It's from our unit adding and subtracting ones and tens to and from two-digit numbers.

So we're going to be looking at two-digit numbers, and we're going to be thinking about adding and subtracting and hopefully using our known facts to help us.

So if you're ready, let's make a start.

So in this lesson, we're going to be using number facts to solve addition and subtraction problems. So are you ready to solve some problems? Let's get going.

We've got three keywords in our lesson today.

We've got efficiently, whole, and part.

So I'm going to say them and then you can repeat them.

Are you ready? My turn, efficiently.

Your turn.

My turn, whole.

Your turn.

And my turn, part.

Your turn.

Excellent.

You might understand what those words mean, but they're going to be really useful to us, so look out for them as we go through our lesson today.

There are two parts to our lesson.

In the first part of our lesson, we're going to be combining and partitioning, and in the second part of our lesson, our problems are going to be about increasing and decreasing an amount.

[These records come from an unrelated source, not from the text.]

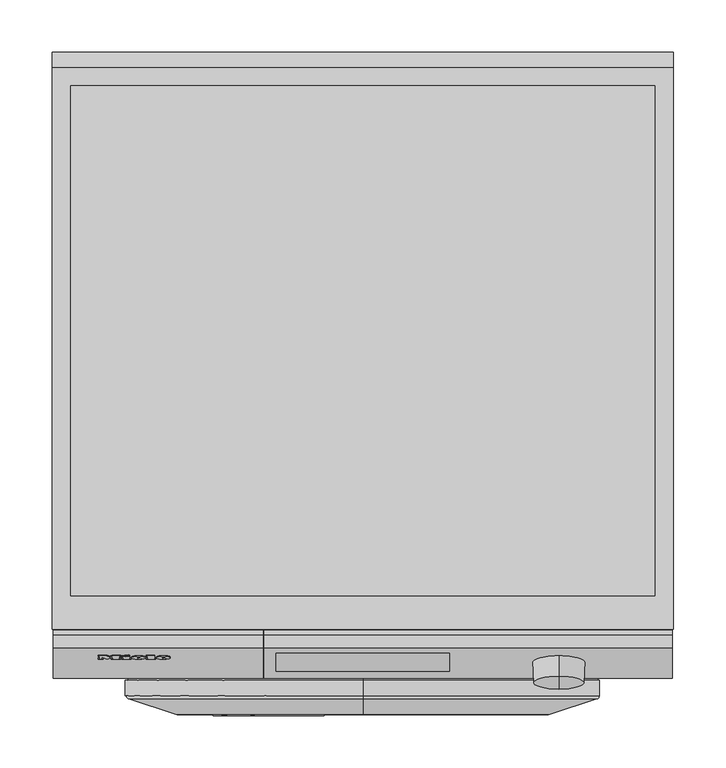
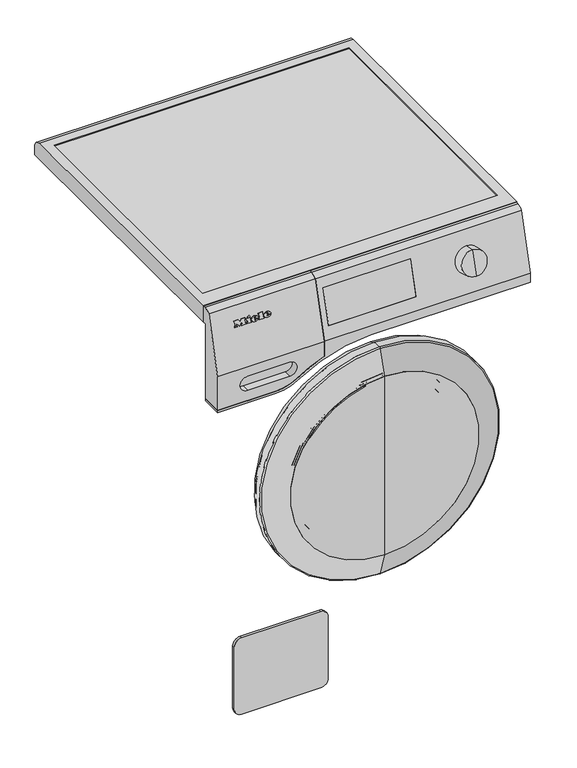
"""IFC4 building model written with IfcOpenShell, lengths in millimetres: proxy geometry, 12901940_F_WCA132WCS_LW : 11CA1321_F_12901940_WCA132WCS_LW."""

from ifc_helpers import new_model, si_unit, point, frame, frame_2d, origin, place, context, project, spatial, polyline, circle_curve, ellipse_curve, trimmed, segment, composite_curve, outline, extrude, source, transform, mapped, element, save
from ifc_brep_helpers import plane_surface, cylinder_surface, revolved_surface, extruded_surface, advanced_brep


def specialty_equipment_56a88420(model_context):
    return source(origin(), model_context, "Body", "SolidModel", [
        extrude(outline(polyline([(0.0, 0.0), (0.0, -1.8582), (-7.9458, -1.8582), (-11.286, 2.4168), (-14.6148, -1.8582), (-21.5574, -1.8582), (-21.5574, 0.0), (-20.1096, 0.0), (-20.1096, 7.6266), (-21.5574, 7.6266), (-21.5574, 9.5418), (-12.4602, 9.5418), (-12.4602, 7.6266), (-13.8624, 7.6266), (-13.8624, 2.6015777), (-8.7438, 9.5418), (-3.648, 2.7988753), (-3.648, 7.6266), (-5.016, 7.6266), (-5.016, 9.5418), (0.0, 9.5418), (0.0, 7.6266), (-1.3794, 7.6266), (-1.3794, 0.0), (0.0, 0.0)])), frame((-254.0, -578.2806922, 817.2814843), z_axis=(0.0, -0.9659258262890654, 0.2588190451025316), x_axis=(-1.0, 0.0, 0.0)), (0.0, 0.0, 1.0), 1.0),
        extrude(outline(polyline([(0.0, 0.0), (-0.0155448, -4.2740444), (-2.0506341, -4.2637237), (-2.0399312, 0.0), (0.0, 0.0)])), frame((-228.464, -577.9348294, 818.5722618), z_axis=(0.0, -0.9659258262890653, 0.2588190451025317), x_axis=(-0.4247202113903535, 0.23431526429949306, 0.8744764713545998)), (0.0, 0.0, 1.0), 1.0),
        extrude(outline(polyline([(-0.7030818, 3.4401063), (-3.9616202, -3.5057256), (-10.0405132, -0.6538993), (-10.6021632, -1.8511006), (-12.336041, -1.0376764), (-8.5158526, 7.1053568), (-6.7819748, 6.2919326), (-7.3581502, 5.0637692), (-3.1266627, 3.0786269), (-2.5504873, 4.3067903), (-0.7030818, 3.4401063)])), frame((-228.464, -577.9348294, 818.5722618), z_axis=(0.0, -0.9659258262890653, 0.2588190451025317), x_axis=(-0.4247202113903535, 0.23431526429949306, 0.8744764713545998)), (0.0, 0.0, 1.0), 1.0),
        extrude(outline(polyline([(0.0, 0.0), (0.0, -1.8582), (-7.8432, -1.8582), (-7.8432, 7.6266), (-9.2454, 7.6266), (-9.2454, 9.5418), (0.0, 9.5418), (0.0, 7.6266), (-1.368, 7.6266), (-1.368, 0.0), (0.0, 0.0)])), frame((-207.7388, -578.2806922, 817.2814843), z_axis=(0.0, -0.9659258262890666, 0.2588190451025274), x_axis=(-1.0, 0.0, 0.0)), (0.0, 0.0, 1.0), 1.0),
        advanced_brep(
        [(-216.0038, -581.029736, 810.8856165), (-216.0038, -580.7317318, 811.9977835), (-208.3772, -580.7317318, 811.9977835), (-221.6468, -580.7317318, 811.9977835), (-218.5118, -581.7290133, 808.2758781), (-208.571, -581.029736, 810.8856165), (-212.0138, -581.029736, 810.8856165), (-214.727, -581.3601962, 809.6523224), (-216.0038, -580.354063, 813.4072624), (-216.0038, -580.0324545, 814.6075219), (-214.0544, -580.0324545, 814.6075219), (-214.0544, -580.354063, 813.4072624), (-216.0038, -580.0638102, 810.6267974), (-214.727, -580.3942704, 809.3935033), (-212.0138, -580.0638102, 810.6267974), (-208.571, -580.0638102, 810.6267974), (-218.5118, -580.7630875, 808.017059), (-221.6468, -579.765806, 811.7389644), (-208.3772, -579.765806, 811.7389644), (-216.0038, -579.765806, 811.7389644), (-216.0038, -579.3881372, 813.1484434), (-214.0544, -579.3881372, 813.1484434), (-214.0544, -579.0665287, 814.3487028), (-216.0038, -579.0665287, 814.3487028)],
        [
            (0, 1),
            (1, 2),
            (2, 3, ellipse_curve(frame((-215.012, -580.7317318, 811.9977835), z_axis=(0.0, -0.9659258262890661, 0.2588190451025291), x_axis=(-1.0, 0.0, 0.0)), 6.6348, 5.4834)),
            (3, 4, circle_curve(frame((-217.2349378, -580.6314135, 812.3721763), z_axis=(0.0, -0.9659258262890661, 0.2588190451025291), x_axis=(0.0, -0.2588190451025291, -0.9659258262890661)), 4.4288556)),
            (4, 5, circle_curve(frame((-215.1448192, -579.8524717, 815.2792267), z_axis=(0.0, -0.9659258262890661, 0.2588190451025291), x_axis=(0.0, -0.2588190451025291, -0.9659258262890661)), 7.9940516)),
            (5, 6),
            (6, 7, circle_curve(frame((-214.1697412, -580.7553361, 811.909691), z_axis=(0.0, 0.9659258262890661, -0.2588190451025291), x_axis=(0.0, -0.2588190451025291, -0.9659258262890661)), 2.4025208)),
            (7, 0, circle_curve(frame((-214.727, -581.029736, 810.8856165), z_axis=(0.0, 0.9659258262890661, -0.2588190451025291), x_axis=(0.0, -0.2588190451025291, -0.9659258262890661)), 1.2768)),
            (8, 9),
            (9, 10, circle_curve(frame((-215.0291, -580.0324545, 814.6075219), z_axis=(0.0, 0.9659258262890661, -0.2588190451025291), x_axis=(0.0, -0.2588190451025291, -0.9659258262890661)), 0.9747)),
            (10, 11),
            (11, 8),
            (12, 13, circle_curve(frame((-214.727, -580.0638102, 810.6267974), z_axis=(0.0, -0.9659258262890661, 0.2588190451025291), x_axis=(0.0, -0.2588190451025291, -0.9659258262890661)), 1.2768)),
            (13, 14, circle_curve(frame((-214.1697412, -579.7894103, 811.650872), z_axis=(0.0, -0.9659258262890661, 0.2588190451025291), x_axis=(0.0, -0.2588190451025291, -0.9659258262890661)), 2.4025208)),
            (14, 15),
            (15, 16, circle_curve(frame((-215.1448192, -578.8865459, 815.0204076), z_axis=(0.0, 0.9659258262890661, -0.2588190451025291), x_axis=(0.0, -0.2588190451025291, -0.9659258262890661)), 7.9940516)),
            (16, 17, circle_curve(frame((-217.2349378, -579.6654877, 812.1133573), z_axis=(0.0, 0.9659258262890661, -0.2588190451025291), x_axis=(0.0, -0.2588190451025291, -0.9659258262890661)), 4.4288556)),
            (17, 18, ellipse_curve(frame((-215.012, -579.765806, 811.7389644), z_axis=(0.0, 0.9659258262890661, -0.2588190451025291), x_axis=(-1.0, 0.0, 0.0)), 6.6348, 5.4834)),
            (18, 19),
            (19, 12),
            (20, 21),
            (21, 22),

So are you ready to solve some combining and partitioning problems? Let's get started.

And we've got Alex and Sam helping us with our learning today.

So we can use known number facts to help us to solve problems, and you might have been doing that already.

So let's think about that as we go through this lesson, thinking about using number facts that we know to help us to solve new problems. So let's look at this one and think about how we can represent it.

Sam bought a drink for 45 p and a straw for 4 p.

How much did she spend altogether? Well, let's represent it on a bar model.

You may have a good idea already or you may think you know what to do, but let's look at it on a bar model 'cause it's always really important to understand what the problem is telling us to do and what each item represents.

So Sam bought a drink for 45 p and a straw for 4 p.

So those are our two parts, and what we need to find out is the whole, and the bar model shows that.

45 p is a part and 4 p is a part, and to find the whole, we add the parts.

Part plus part is equal to whole.

So we need to calculate 45 p plus 4 p is equal to something.

Now, what about those known facts? Which known addition fact should be used to solve this efficiently? So efficiently means quickly and carefully, getting us the right answer in a quick way that draws on the things that we know already.

So what do you know already that could help you here? Well, Sam says, "I will partition the 45 p, so I can see the tens and the ones." So she's used the coins.

So she's got the 40 is four tens, four 10 ps in this case, and the 5 p is five 1 ps.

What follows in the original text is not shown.